» **What you should do**:
Nothing but the images is to be left out of your exact copy of the entries.

(Stored data)
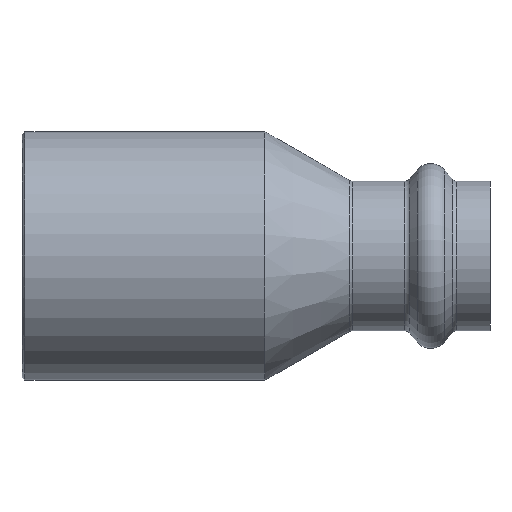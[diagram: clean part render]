
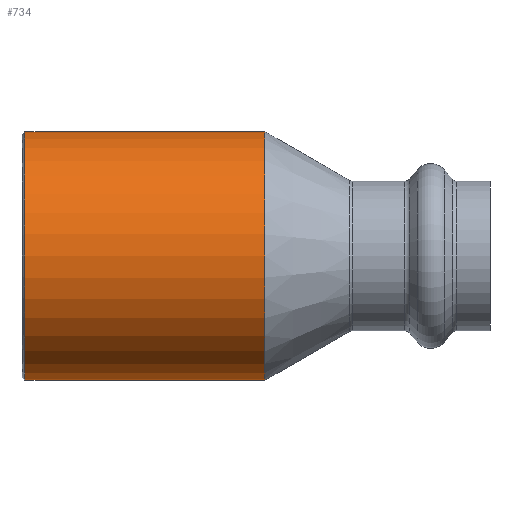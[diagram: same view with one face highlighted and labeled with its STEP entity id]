
A CAD part, front view. The second image highlights one B-rep face of the part: STEP entity #734.
In plain terms, the highlighted cylindrical face has radius 21 mm (diameter 42 mm), a partial arc.
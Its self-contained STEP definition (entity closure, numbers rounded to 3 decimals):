
#62 = VERTEX_POINT ( 'NONE', #63 ) ;
#63 = CARTESIAN_POINT ( 'NONE',  ( 41., 0., 21. ) ) ;
#72 = EDGE_CURVE ( 'NONE', #178, #62, #975, .T. ) ;
#135 = CYLINDRICAL_SURFACE ( 'NONE', #721, 21. ) ;
#139 = VERTEX_POINT ( 'NONE', #545 ) ;
#178 = VERTEX_POINT ( 'NONE', #452 ) ;
#246 = AXIS2_PLACEMENT_3D ( 'NONE', #298, #1283, #262 ) ;
#262 = DIRECTION ( 'NONE',  ( 0., 0., 1. ) ) ;
#291 = CARTESIAN_POINT ( 'NONE',  ( -4.079, 0., 21. ) ) ;
#298 = CARTESIAN_POINT ( 'NONE',  ( 41., 0., 0. ) ) ;
#318 = CARTESIAN_POINT ( 'NONE',  ( 0.5, 0., 21. ) ) ;
#331 = EDGE_CURVE ( 'NONE', #62, #613, #1156, .T. ) ;
#452 = CARTESIAN_POINT ( 'NONE',  ( 41., 0., -21. ) ) ;
#493 = EDGE_CURVE ( 'NONE', #178, #139, #583, .T. ) ;
#497 = ORIENTED_EDGE ( 'NONE', *, *, #331, .T. ) ;
#518 = ORIENTED_EDGE ( 'NONE', *, *, #493, .F. ) ;
#545 = CARTESIAN_POINT ( 'NONE',  ( 0.5, 0., -21. ) ) ;
#571 = DIRECTION ( 'NONE',  ( -1., 0., 0. ) ) ;
#583 = LINE ( 'NONE', #1098, #1237 ) ;
#601 = FACE_OUTER_BOUND ( 'NONE', #1287, .T. ) ;
#613 = VERTEX_POINT ( 'NONE', #318 ) ;
#623 = CIRCLE ( 'NONE', #1191, 21. ) ;
#720 = CARTESIAN_POINT ( 'NONE',  ( 0.5, 0., 0. ) ) ;
#721 = AXIS2_PLACEMENT_3D ( 'NONE', #729, #800, #861 ) ;
#729 = CARTESIAN_POINT ( 'NONE',  ( -4.079, 0., 0. ) ) ;
#734 = ADVANCED_FACE ( 'NONE', ( #601 ), #135, .T. ) ;
#742 = DIRECTION ( 'NONE',  ( -1., 0., 0. ) ) ;
#751 = DIRECTION ( 'NONE',  ( 0., 0., 1. ) ) ;
#800 = DIRECTION ( 'NONE',  ( -1., 0., 0. ) ) ;
#861 = DIRECTION ( 'NONE',  ( 0., 0., 1. ) ) ;
#975 = CIRCLE ( 'NONE', #246, 21. ) ;
#1098 = CARTESIAN_POINT ( 'NONE',  ( -4.079, 0., -21. ) ) ;
#1118 = DIRECTION ( 'NONE',  ( -1., 0., 0. ) ) ;
#1120 = VECTOR ( 'NONE', #571, 1000. ) ;
#1156 = LINE ( 'NONE', #291, #1120 ) ;
#1191 = AXIS2_PLACEMENT_3D ( 'NONE', #720, #742, #751 ) ;
#1204 = EDGE_CURVE ( 'NONE', #139, #613, #623, .T. ) ;
#1237 = VECTOR ( 'NONE', #1118, 1000. ) ;
#1242 = ORIENTED_EDGE ( 'NONE', *, *, #1204, .F. ) ;
#1253 = ORIENTED_EDGE ( 'NONE', *, *, #72, .T. ) ;
#1283 = DIRECTION ( 'NONE',  ( -1., 0., 0. ) ) ;
#1287 = EDGE_LOOP ( 'NONE', ( #518, #1253, #497, #1242 ) ) ;

» **Output for this exercise**:
[diagram: clean part render]
[diagram: same view with one face highlighted and labeled with its STEP entity id]
A CAD part, front view. The second image highlights one B-rep face of the part: STEP entity #734.
In plain terms, the highlighted cylindrical face has radius 21 mm (diameter 42 mm), a partial arc.
Its self-contained STEP definition (entity closure, numbers rounded to 3 decimals):
#62 = VERTEX_POINT ( 'NONE', #63 ) ;
#63 = CARTESIAN_POINT ( 'NONE',  ( 41., 0., 21. ) ) ;
#72 = EDGE_CURVE ( 'NONE', #178, #62, #975, .T. ) ;
#135 = CYLINDRICAL_SURFACE ( 'NONE', #721, 21. ) ;
#139 = VERTEX_POINT ( 'NONE', #545 ) ;
#178 = VERTEX_POINT ( 'NONE', #452 ) ;
#246 = AXIS2_PLACEMENT_3D ( 'NONE', #298, #1283, #262 ) ;
#262 = DIRECTION ( 'NONE',  ( 0., 0., 1. ) ) ;
#291 = CARTESIAN_POINT ( 'NONE',  ( -4.079, 0., 21. ) ) ;
#298 = CARTESIAN_POINT ( 'NONE',  ( 41., 0., 0. ) ) ;
#318 = CARTESIAN_POINT ( 'NONE',  ( 0.5, 0., 21. ) ) ;
#331 = EDGE_CURVE ( 'NONE', #62, #613, #1156, .T. ) ;
#452 = CARTESIAN_POINT ( 'NONE',  ( 41., 0., -21. ) ) ;
#493 = EDGE_CURVE ( 'NONE', #178, #139, #583, .T. ) ;
#497 = ORIENTED_EDGE ( 'NONE', *, *, #331, .T. ) ;
#518 = ORIENTED_EDGE ( 'NONE', *, *, #493, .F. ) ;
#545 = CARTESIAN_POINT ( 'NONE',  ( 0.5, 0., -21. ) ) ;
#571 = DIRECTION ( 'NONE',  ( -1., 0., 0. ) ) ;
#583 = LINE ( 'NONE', #1098, #1237 ) ;
#601 = FACE_OUTER_BOUND ( 'NONE', #1287, .T. ) ;
#613 = VERTEX_POINT ( 'NONE', #318 ) ;
#623 = CIRCLE ( 'NONE', #1191, 21. ) ;
#720 = CARTESIAN_POINT ( 'NONE',  ( 0.5, 0., 0. ) ) ;
#721 = AXIS2_PLACEMENT_3D ( 'NONE', #729, #800, #861 ) ;
#729 = CARTESIAN_POINT ( 'NONE',  ( -4.079, 0., 0. ) ) ;
#734 = ADVANCED_FACE ( 'NONE', ( #601 ), #135, .T. ) ;
#742 = DIRECTION ( 'NONE',  ( -1., 0., 0. ) ) ;
#751 = DIRECTION ( 'NONE',  ( 0., 0., 1. ) ) ;
#800 = DIRECTION ( 'NONE',  ( -1., 0., 0. ) ) ;
#861 = DIRECTION ( 'NONE',  ( 0., 0., 1. ) ) ;
#975 = CIRCLE ( 'NONE', #246, 21. ) ;
#1098 = CARTESIAN_POINT ( 'NONE',  ( -4.079, 0., -21. ) ) ;
#1118 = DIRECTION ( 'NONE',  ( -1., 0., 0. ) ) ;
#1120 = VECTOR ( 'NONE', #571, 1000. ) ;
#1156 = LINE ( 'NONE', #291, #1120 ) ;
#1191 = AXIS2_PLACEMENT_3D ( 'NONE', #720, #742, #751 ) ;
#1204 = EDGE_CURVE ( 'NONE', #139, #613, #623, .T. ) ;
#1237 = VECTOR ( 'NONE', #1118, 1000. ) ;
#1242 = ORIENTED_EDGE ( 'NONE', *, *, #1204, .F. ) ;
#1253 = ORIENTED_EDGE ( 'NONE', *, *, #72, .T. ) ;
#1283 = DIRECTION ( 'NONE',  ( -1., 0., 0. ) ) ;
#1287 = EDGE_LOOP ( 'NONE', ( #518, #1253, #497, #1242 ) ) ;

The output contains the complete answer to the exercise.